-- Task directions --
Lines in the entries below where the word "transform" shows up should each be copied.

Top of Material provided

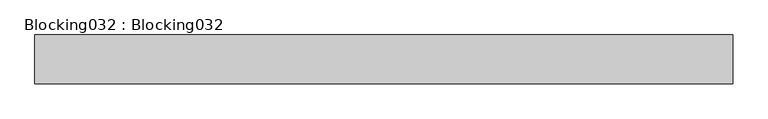
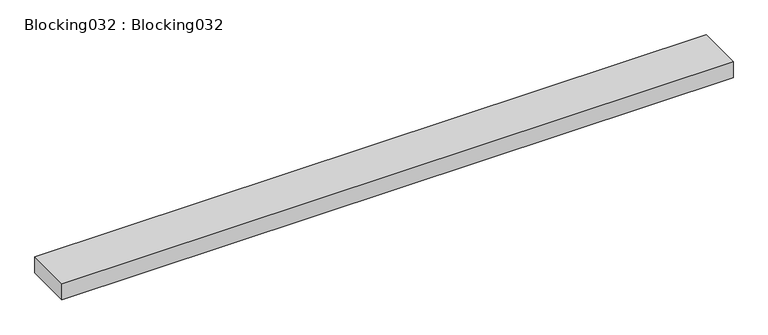
"""IFC4 building model written with IfcOpenShell, lengths in millimetres: proxy geometry, Blocking032 : Blocking032."""

from ifc_helpers import new_model, si_unit, frame, origin, place, context, project, spatial, polyline, outline, extrude, source, transform, mapped, element, save


def blocking032_blocking032_cbfbee9c(model_context):
    return source(origin(), model_context, "Body", "SweptSolid", [
        extrude(outline(polyline([(14383.0178845, -4497.8425368), (14383.0178845, -4637.5425368), (12383.0178845, -4637.5425368), (12383.0178845, -4497.8425368), (14383.0178845, -4497.8425368)])), frame((0.0, 0.0, 39655.496), z_axis=(0.0, 0.0, 1.0), x_axis=(1.0, 0.0, 0.0)), (0.0, 0.0, 1.0), 50.8),
    ])


if __name__ == "__main__":
    model = new_model("IFC4")
    model_context = context("Model", 3, world=origin())
    ifc_project = project(units=[si_unit("LENGTHUNIT", "METRE", prefix="MILLI")], contexts=[model_context])
    site = spatial("IfcSite", under=ifc_project)
    building = spatial("IfcBuilding", under=site)
    placement = place(None, origin())
    blocking032_blocking032_shape = blocking032_blocking032_cbfbee9c(model_context)
    element("IfcBuildingElementProxy", 1, Name="Blocking032 : Blocking032", ObjectType="Blocking032 : Blocking032", at=placement, inside=building, context=model_context, shape_type="MappedRepresentation", body=[
        mapped(blocking032_blocking032_shape, transform((0.0, 0.0, 0.0), x_axis=(1.0, 0.0, 0.0), y_axis=(0.0, 1.0, 0.0), z_axis=(0.0, 0.0, 1.0))),
    ])
    save(model, "model.ifc")

# Revit data of these elements
# Type "Blocking032 : Blocking032"
#   NameOverride = "Blocking032"
# Element 1 (IfcBuildingElementProxy, "Blocking032 : Blocking032")
#   Materials on its faces: "WOOD BLOCKING AS REQUIRED"
# Materials
#   "WOOD BLOCKING AS REQUIRED": class "Unassigned", colour RGB 166 124 85, transparency 0, Cost = 0

Bottom of Material provided

-- Worked solution --
from ifc_helpers import new_model, si_unit, frame, origin, place, context, project, spatial, polyline, outline, extrude, source, transform, mapped, element, save
        mapped(blocking032_blocking032_shape, transform((0.0, 0.0, 0.0), x_axis=(1.0, 0.0, 0.0), y_axis=(0.0, 1.0, 0.0), z_axis=(0.0, 0.0, 1.0))),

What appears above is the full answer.